[Work task]: Your output must be the line containing "[diagram p0: TIDA-01182_A_SCH_1.SchDoc]" followed by every later line in the entries below, all copied exactly.

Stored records
☆ ☆ ☆ ☆ ☆ ☆ ☆

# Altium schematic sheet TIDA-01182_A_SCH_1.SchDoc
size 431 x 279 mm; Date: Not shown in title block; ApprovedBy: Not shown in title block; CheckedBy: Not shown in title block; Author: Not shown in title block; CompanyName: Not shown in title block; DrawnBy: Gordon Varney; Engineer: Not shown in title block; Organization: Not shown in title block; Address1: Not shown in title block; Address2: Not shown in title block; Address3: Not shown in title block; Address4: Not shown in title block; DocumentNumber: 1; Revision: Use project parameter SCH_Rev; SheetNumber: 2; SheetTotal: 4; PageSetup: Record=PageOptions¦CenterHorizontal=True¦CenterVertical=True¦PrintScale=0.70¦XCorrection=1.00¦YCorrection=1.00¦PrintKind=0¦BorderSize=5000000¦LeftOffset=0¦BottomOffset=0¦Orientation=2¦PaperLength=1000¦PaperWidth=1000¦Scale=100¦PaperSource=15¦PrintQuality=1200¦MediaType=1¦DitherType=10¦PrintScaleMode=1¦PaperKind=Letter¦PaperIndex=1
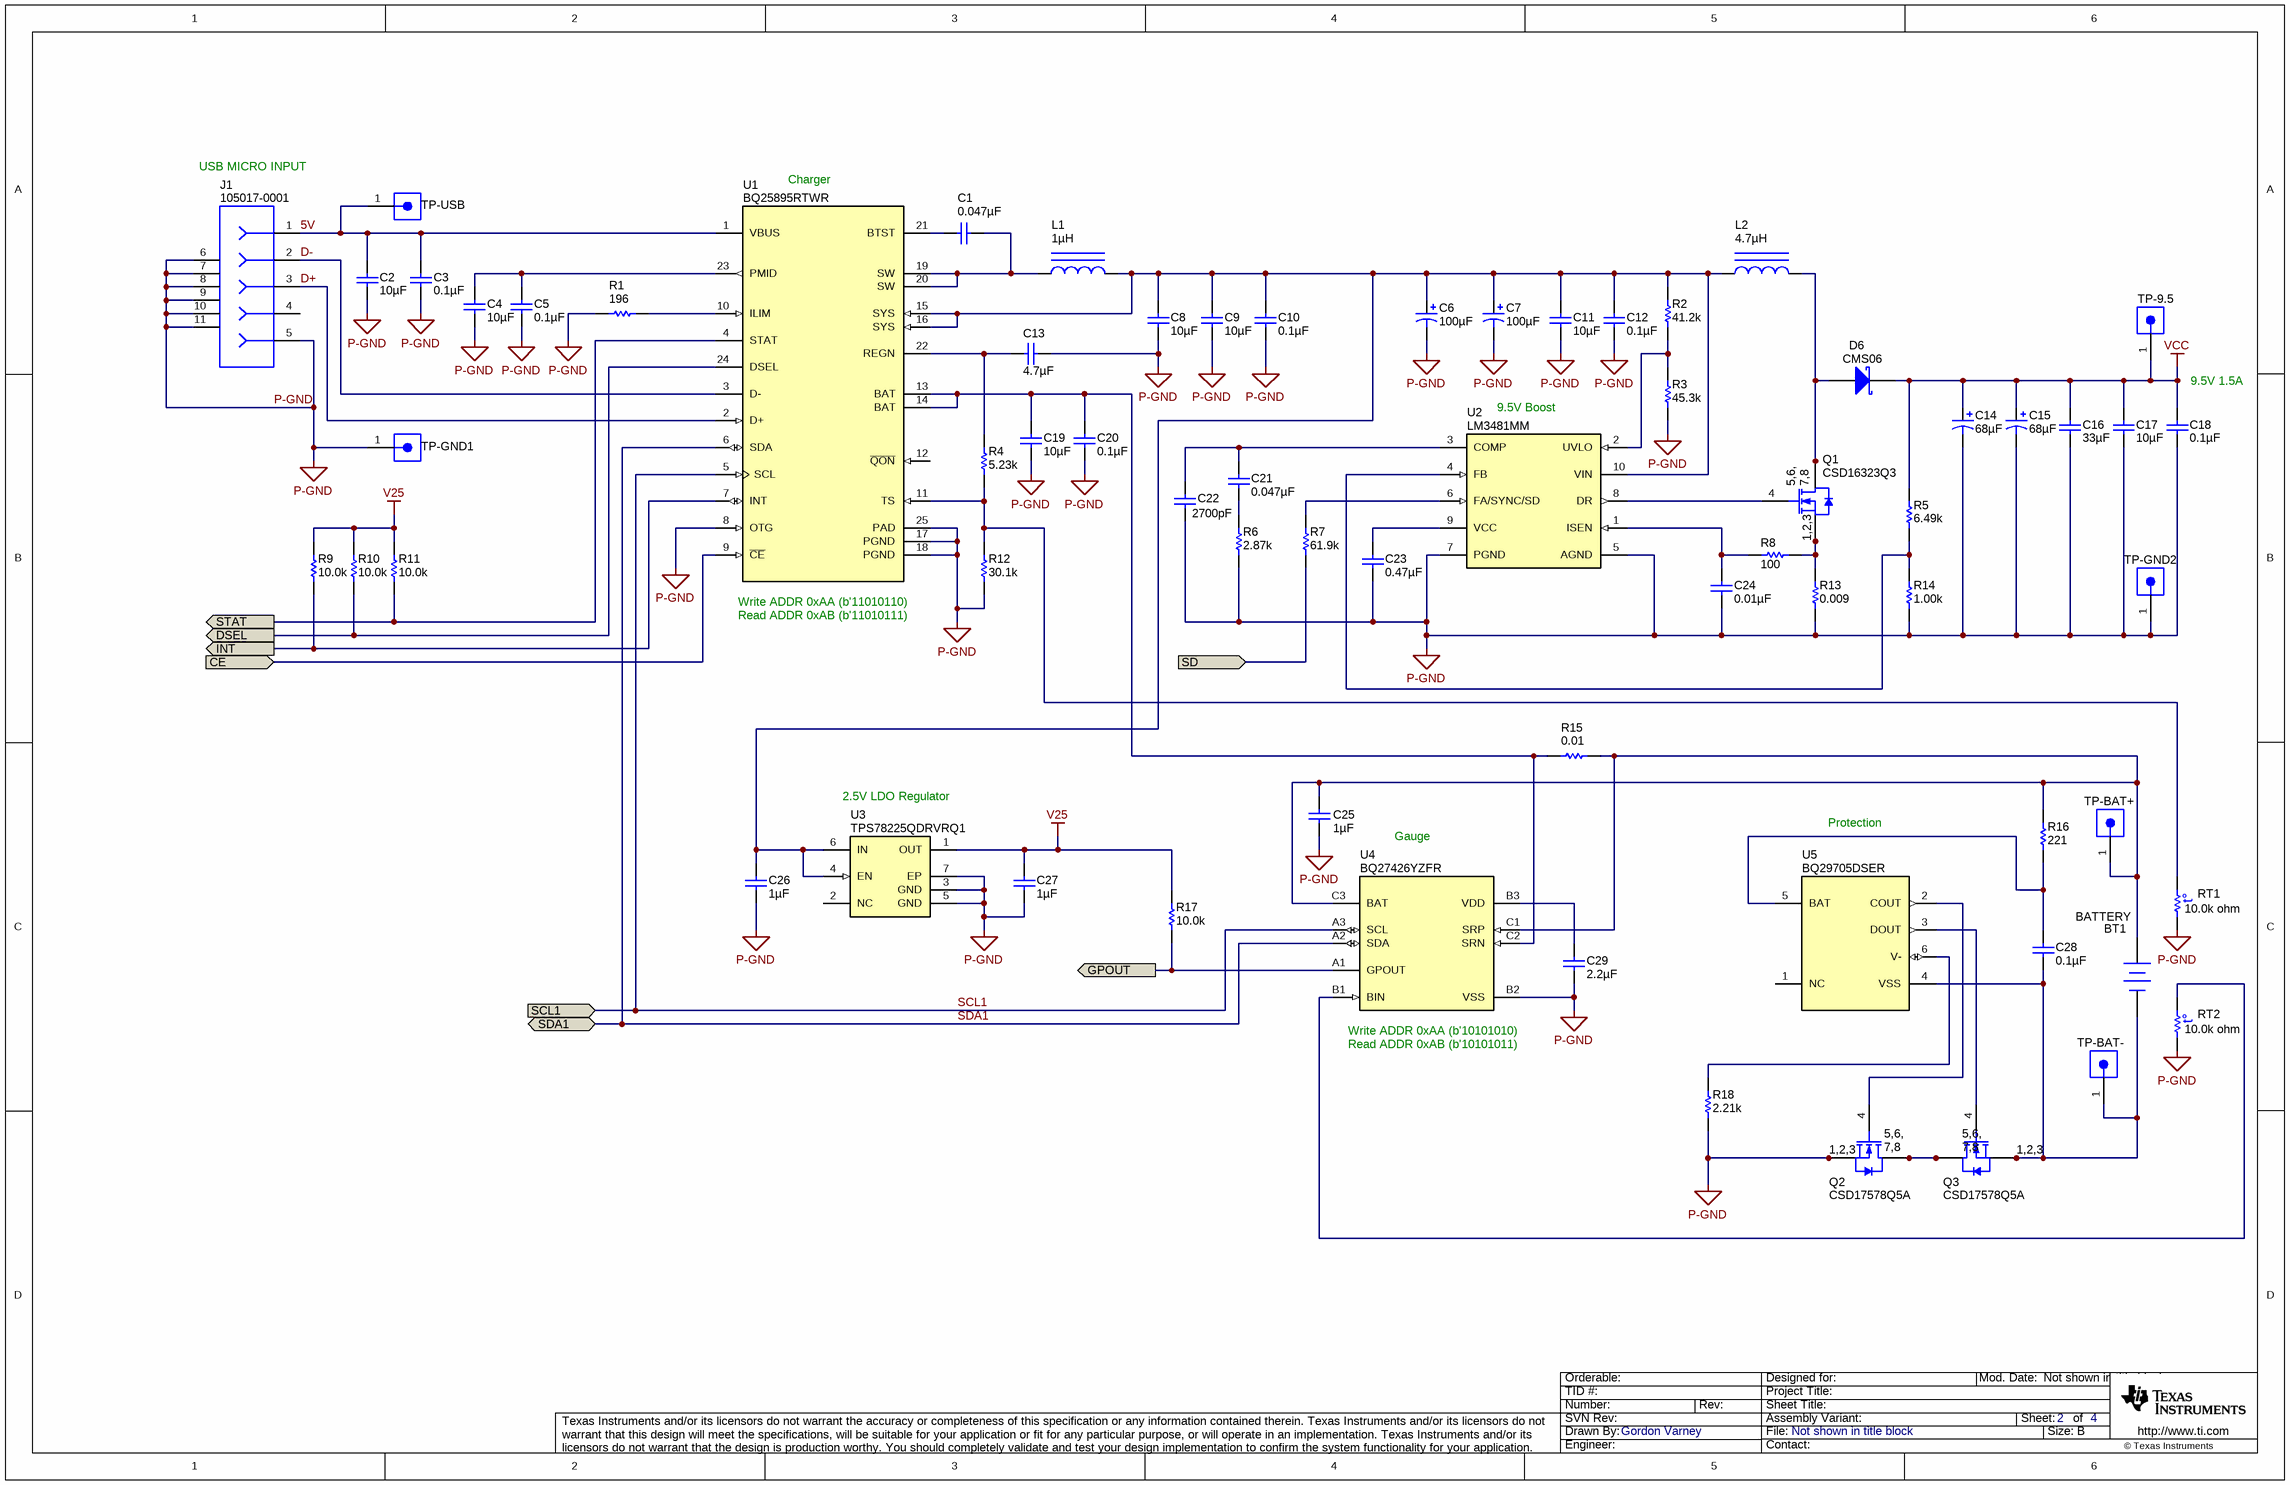
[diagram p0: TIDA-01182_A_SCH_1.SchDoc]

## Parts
BT1  1043  [BAT_1043]  (value not drawn)
C1  ValueDisplayed: 0.047µF  [0402]  (hidden comment: GRM155R71E473KA88D)
C2  ValueDisplayed: 10µF  [1206]  (hidden comment: 885012208069)
C3  ValueDisplayed: 0.1µF  [0603]  (hidden comment: 885012206071)
C4  ValueDisplayed: 10µF  [1206]  (hidden comment: 885012208069)
C5  ValueDisplayed: 0.1µF  [0603]  (hidden comment: 885012206071)
C6  ValueDisplayed: 100µF  [SM_RADIAL_E]  (hidden comment: EEE-FK1E101P)
C7  ValueDisplayed: 100µF  [SM_RADIAL_E]  (hidden comment: EEE-FK1E101P)
C8  ValueDisplayed: 10µF  [1206]  (hidden comment: 885012208069)
C9  ValueDisplayed: 10µF  [1206]  (hidden comment: 885012208069)
C10  ValueDisplayed: 0.1µF  [0603]  (hidden comment: 885012206071)
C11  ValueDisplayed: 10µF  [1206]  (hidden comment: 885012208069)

☆ ☆ ☆ ☆ ☆ ☆ ☆

[Solution]:
[diagram p0: TIDA-01182_A_SCH_1.SchDoc]

## Parts
BT1  1043  [BAT_1043]  (value not drawn)
C1  ValueDisplayed: 0.047µF  [0402]  (hidden comment: GRM155R71E473KA88D)
C2  ValueDisplayed: 10µF  [1206]  (hidden comment: 885012208069)
C3  ValueDisplayed: 0.1µF  [0603]  (hidden comment: 885012206071)
C4  ValueDisplayed: 10µF  [1206]  (hidden comment: 885012208069)
C5  ValueDisplayed: 0.1µF  [0603]  (hidden comment: 885012206071)
C6  ValueDisplayed: 100µF  [SM_RADIAL_E]  (hidden comment: EEE-FK1E101P)
C7  ValueDisplayed: 100µF  [SM_RADIAL_E]  (hidden comment: EEE-FK1E101P)
C8  ValueDisplayed: 10µF  [1206]  (hidden comment: 885012208069)
C9  ValueDisplayed: 10µF  [1206]  (hidden comment: 885012208069)
C10  ValueDisplayed: 0.1µF  [0603]  (hidden comment: 885012206071)
C11  ValueDisplayed: 10µF  [1206]  (hidden comment: 885012208069)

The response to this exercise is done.